How fitting, then, to sit beneath the failed piece that had consumed another year of my life, that had brought only squinting eyes and the tentative scratching of heads from judges and observers accustomed to the trite mediums of canvas and oil.
Clarissa had long since left with the others. This time when I had said, "You can go," she trusted that her words would provide little solace.
Five artists had walked away from this year's festival, one of them being Allan, their passions now cradled within the comfort of commissions enlisted from nobility, much like the commission my father had once received for the chapel. A promising, stable future.
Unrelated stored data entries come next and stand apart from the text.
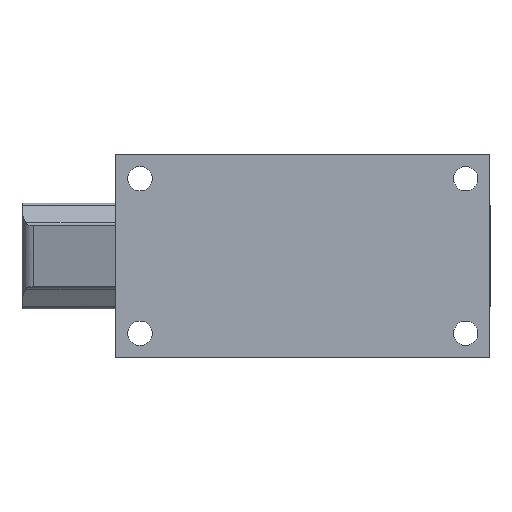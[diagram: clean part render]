
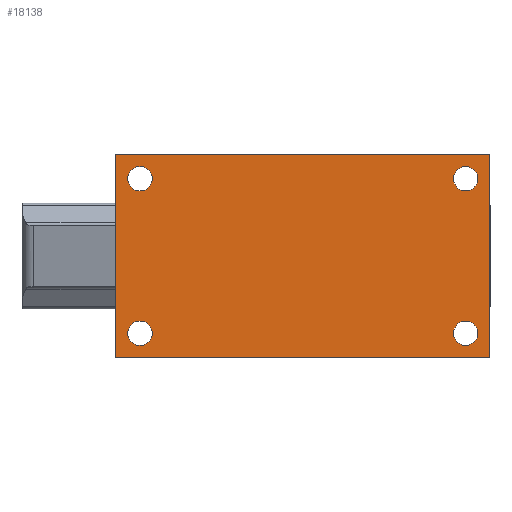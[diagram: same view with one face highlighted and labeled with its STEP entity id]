
A CAD part, front view. The second image highlights one B-rep face of the part: STEP entity #18138.
In plain terms, the highlighted planar face has unit normal (0, -1, 0).
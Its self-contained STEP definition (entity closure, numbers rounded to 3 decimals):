
#152 = CARTESIAN_POINT ( 'NONE',  ( 46., -4.25, -25. ) ) ;
#243 = DIRECTION ( 'NONE',  ( 0., 1., 0. ) ) ;
#289 = CARTESIAN_POINT ( 'NONE',  ( 40., -4.25, 22. ) ) ;
#488 = AXIS2_PLACEMENT_3D ( 'NONE', #11811, #18813, #13646 ) ;
#849 = VERTEX_POINT ( 'NONE', #21173 ) ;
#1552 = DIRECTION ( 'NONE',  ( 0., 1., 0. ) ) ;
#1664 = CARTESIAN_POINT ( 'NONE',  ( 46., -4.25, -25. ) ) ;
#1797 = CIRCLE ( 'NONE', #13573, 3. ) ;
#1883 = EDGE_CURVE ( 'NONE', #7272, #8098, #7852, .T. ) ;
#1913 = VECTOR ( 'NONE', #14999, 1000. ) ;
#1982 = DIRECTION ( 'NONE',  ( 0., 0., -1. ) ) ;
#2150 = CARTESIAN_POINT ( 'NONE',  ( -40., -4.25, 19. ) ) ;
#2661 = VERTEX_POINT ( 'NONE', #15141 ) ;
#2692 = DIRECTION ( 'NONE',  ( 0., 0., -1. ) ) ;
#2953 = FACE_BOUND ( 'NONE', #8998, .T. ) ;
#2966 = EDGE_LOOP ( 'NONE', ( #5501, #5269 ) ) ;
#3097 = EDGE_CURVE ( 'NONE', #13384, #849, #15421, .T. ) ;
#3206 = LINE ( 'NONE', #16998, #16607 ) ;
#4178 = ORIENTED_EDGE ( 'NONE', *, *, #9171, .T. ) ;
#4308 = FACE_OUTER_BOUND ( 'NONE', #21349, .T. ) ;
#4678 = CARTESIAN_POINT ( 'NONE',  ( 40., -4.25, -16. ) ) ;
#5235 = CARTESIAN_POINT ( 'NONE',  ( 40., -4.25, 19. ) ) ;
#5244 = ORIENTED_EDGE ( 'NONE', *, *, #11785, .T. ) ;
#5269 = ORIENTED_EDGE ( 'NONE', *, *, #7594, .T. ) ;
#5386 = ORIENTED_EDGE ( 'NONE', *, *, #3097, .T. ) ;
#5501 = ORIENTED_EDGE ( 'NONE', *, *, #15874, .T. ) ;
#5714 = DIRECTION ( 'NONE',  ( 0., 0., 1. ) ) ;
#6080 = PLANE ( 'NONE',  #20056 ) ;
#6247 = AXIS2_PLACEMENT_3D ( 'NONE', #17766, #1552, #12509 ) ;
#6513 = ORIENTED_EDGE ( 'NONE', *, *, #11439, .F. ) ;
#6992 = DIRECTION ( 'NONE',  ( 0., 0., -1. ) ) ;
#7235 = ORIENTED_EDGE ( 'NONE', *, *, #19818, .T. ) ;
#7272 = VERTEX_POINT ( 'NONE', #18304 ) ;
#7507 = CARTESIAN_POINT ( 'NONE',  ( 40., -4.25, -19. ) ) ;
#7534 = CARTESIAN_POINT ( 'NONE',  ( -46., -4.25, 25. ) ) ;
#7594 = EDGE_CURVE ( 'NONE', #20545, #15642, #8132, .T. ) ;
#7774 = CIRCLE ( 'NONE', #488, 3. ) ;
#7817 = VERTEX_POINT ( 'NONE', #152 ) ;
#7852 = CIRCLE ( 'NONE', #13069, 3. ) ;
#8098 = VERTEX_POINT ( 'NONE', #13546 ) ;
#8132 = CIRCLE ( 'NONE', #6247, 3. ) ;
#8575 = CIRCLE ( 'NONE', #16739, 3. ) ;
#8998 = EDGE_LOOP ( 'NONE', ( #22358, #7235 ) ) ;
#9171 = EDGE_CURVE ( 'NONE', #849, #13384, #7774, .T. ) ;
#9186 = FACE_BOUND ( 'NONE', #14686, .T. ) ;
#9387 = EDGE_CURVE ( 'NONE', #19214, #12839, #9425, .T. ) ;
#9425 = CIRCLE ( 'NONE', #17017, 3. ) ;
#9479 = VECTOR ( 'NONE', #13258, 1000. ) ;
#9727 = CARTESIAN_POINT ( 'NONE',  ( -46., -4.25, -25. ) ) ;
#9733 = VERTEX_POINT ( 'NONE', #9727 ) ;
#10472 = CARTESIAN_POINT ( 'NONE',  ( -40., -4.25, -19. ) ) ;
#10571 = CARTESIAN_POINT ( 'NONE',  ( 40., -4.25, -22. ) ) ;
#10649 = CARTESIAN_POINT ( 'NONE',  ( 40., -4.25, 19. ) ) ;
#10673 = ORIENTED_EDGE ( 'NONE', *, *, #14806, .F. ) ;
#10850 = EDGE_CURVE ( 'NONE', #7817, #9733, #22440, .T. ) ;
#11026 = CIRCLE ( 'NONE', #21340, 3. ) ;
#11142 = EDGE_CURVE ( 'NONE', #9733, #16617, #20995, .T. ) ;
#11356 = DIRECTION ( 'NONE',  ( 0., 1., 0. ) ) ;
#11439 = EDGE_CURVE ( 'NONE', #16617, #2661, #3206, .T. ) ;
#11587 = DIRECTION ( 'NONE',  ( 1., 0., 0. ) ) ;
#11785 = EDGE_CURVE ( 'NONE', #12839, #19214, #1797, .T. ) ;
#11811 = CARTESIAN_POINT ( 'NONE',  ( -40., -4.25, 19. ) ) ;
#12509 = DIRECTION ( 'NONE',  ( 0., 0., 1. ) ) ;
#12839 = VERTEX_POINT ( 'NONE', #289 ) ;
#13069 = AXIS2_PLACEMENT_3D ( 'NONE', #10472, #14309, #16105 ) ;
#13258 = DIRECTION ( 'NONE',  ( 0., 0., 1. ) ) ;
#13384 = VERTEX_POINT ( 'NONE', #16369 ) ;
#13546 = CARTESIAN_POINT ( 'NONE',  ( -40., -4.25, -22. ) ) ;
#13573 = AXIS2_PLACEMENT_3D ( 'NONE', #10649, #243, #1982 ) ;
#13575 = ORIENTED_EDGE ( 'NONE', *, *, #11142, .F. ) ;
#13646 = DIRECTION ( 'NONE',  ( 0., 0., 1. ) ) ;
#13990 = DIRECTION ( 'NONE',  ( 0., 0., -1. ) ) ;
#14309 = DIRECTION ( 'NONE',  ( 0., 1., 0. ) ) ;
#14415 = DIRECTION ( 'NONE',  ( 0., 1., 0. ) ) ;
#14570 = EDGE_LOOP ( 'NONE', ( #5244, #15146 ) ) ;
#14625 = DIRECTION ( 'NONE',  ( 0., 0., 1. ) ) ;
#14686 = EDGE_LOOP ( 'NONE', ( #4178, #5386 ) ) ;
#14806 = EDGE_CURVE ( 'NONE', #2661, #7817, #19398, .T. ) ;
#14999 = DIRECTION ( 'NONE',  ( -1., 0., 0. ) ) ;
#15141 = CARTESIAN_POINT ( 'NONE',  ( 46., -4.25, 25. ) ) ;
#15146 = ORIENTED_EDGE ( 'NONE', *, *, #9387, .T. ) ;
#15215 = CARTESIAN_POINT ( 'NONE',  ( -46., -4.25, -25. ) ) ;
#15421 = CIRCLE ( 'NONE', #22015, 3. ) ;
#15642 = VERTEX_POINT ( 'NONE', #4678 ) ;
#15874 = EDGE_CURVE ( 'NONE', #15642, #20545, #11026, .T. ) ;
#16105 = DIRECTION ( 'NONE',  ( 0., 0., -1. ) ) ;
#16369 = CARTESIAN_POINT ( 'NONE',  ( -40., -4.25, 16. ) ) ;
#16384 = CARTESIAN_POINT ( 'NONE',  ( 40., -4.25, 16. ) ) ;
#16607 = VECTOR ( 'NONE', #11587, 1000. ) ;
#16617 = VERTEX_POINT ( 'NONE', #7534 ) ;
#16739 = AXIS2_PLACEMENT_3D ( 'NONE', #17613, #19448, #21214 ) ;
#16998 = CARTESIAN_POINT ( 'NONE',  ( -46., -4.25, 25. ) ) ;
#17017 = AXIS2_PLACEMENT_3D ( 'NONE', #5235, #19342, #6992 ) ;
#17424 = FACE_BOUND ( 'NONE', #2966, .T. ) ;
#17591 = ORIENTED_EDGE ( 'NONE', *, *, #10850, .F. ) ;
#17613 = CARTESIAN_POINT ( 'NONE',  ( -40., -4.25, -19. ) ) ;
#17766 = CARTESIAN_POINT ( 'NONE',  ( 40., -4.25, -19. ) ) ;
#18138 = ADVANCED_FACE ( 'NONE', ( #4308, #18245, #9186, #2953, #17424 ), #6080, .F. ) ;
#18245 = FACE_BOUND ( 'NONE', #14570, .T. ) ;
#18304 = CARTESIAN_POINT ( 'NONE',  ( -40., -4.25, -16. ) ) ;
#18348 = CARTESIAN_POINT ( 'NONE',  ( 0., -4.25, 0. ) ) ;
#18813 = DIRECTION ( 'NONE',  ( 0., 1., 0. ) ) ;
#19214 = VERTEX_POINT ( 'NONE', #16384 ) ;
#19342 = DIRECTION ( 'NONE',  ( 0., 1., 0. ) ) ;
#19398 = LINE ( 'NONE', #1664, #19958 ) ;
#19448 = DIRECTION ( 'NONE',  ( 0., 1., 0. ) ) ;
#19818 = EDGE_CURVE ( 'NONE', #8098, #7272, #8575, .T. ) ;
#19958 = VECTOR ( 'NONE', #13990, 1000. ) ;
#20056 = AXIS2_PLACEMENT_3D ( 'NONE', #18348, #11356, #2692 ) ;
#20545 = VERTEX_POINT ( 'NONE', #10571 ) ;
#20995 = LINE ( 'NONE', #21826, #9479 ) ;
#21173 = CARTESIAN_POINT ( 'NONE',  ( -40., -4.25, 22. ) ) ;
#21214 = DIRECTION ( 'NONE',  ( 0., 0., -1. ) ) ;
#21340 = AXIS2_PLACEMENT_3D ( 'NONE', #7507, #21557, #14625 ) ;
#21349 = EDGE_LOOP ( 'NONE', ( #10673, #6513, #13575, #17591 ) ) ;
#21557 = DIRECTION ( 'NONE',  ( 0., 1., 0. ) ) ;
#21826 = CARTESIAN_POINT ( 'NONE',  ( -46., -4.25, -25. ) ) ;
#22015 = AXIS2_PLACEMENT_3D ( 'NONE', #2150, #14415, #5714 ) ;
#22358 = ORIENTED_EDGE ( 'NONE', *, *, #1883, .T. ) ;
#22440 = LINE ( 'NONE', #15215, #1913 ) ;

Respect, the right to declare proficiency and illegitimacy. Names to be made noteworthy in history's ledgers. Above all else, the state of being 'exceptional'.
Night cloaked the chapel once again, and once again, the candle stubs had diffused the acridity of burnt wicks and lost time. I played with the thick spool of twine in my pocket, the one I had retrieved from my home shortly after the victors had been announced.
Footfalls slipped in to break the chapel's silence.
I looked up at Allan Demoire as he sauntered through the nave, his arrogance elated to an almost malicious delight. Again, he examined his pocket watch. "You said you had something for me? Is there any possibility of ending this meeting shortly? There's quite the celebration, and I must be returning soon."
"Of course, I understand. You are revered, after all." The smug twitch of his mustache was revolting. "I have something my father instructed me to give you, if you were ever to be one of the festival's finalists." Allan's expression took on reverence, a disgusting transformation from complete disregard to captivation. He closed the distance between us, outstretching his hand with a childlike expectation.
I unsheathed my father's heirloom, letting the moonlight lick the rapier's blade. Allan reached out for its hilt. With a chuckle, I turned the blade towards him and ran it through before pulling back to thread it again. I cupped my hand over the screams shaking to escape his mouth, and ushered him to the ground.
There are three types of artists in this world: the exceptional, the mediocre, and the monsters. And mediocrity, I have found, is a fate colder than death. After Allan finished squirming, I gazed back at my art. I had twine, fresh inspiration, and a whole evening to revise my creation. Perhaps tomorrow, after I'd strung his pieces up with mine, someone would find it noteworthy.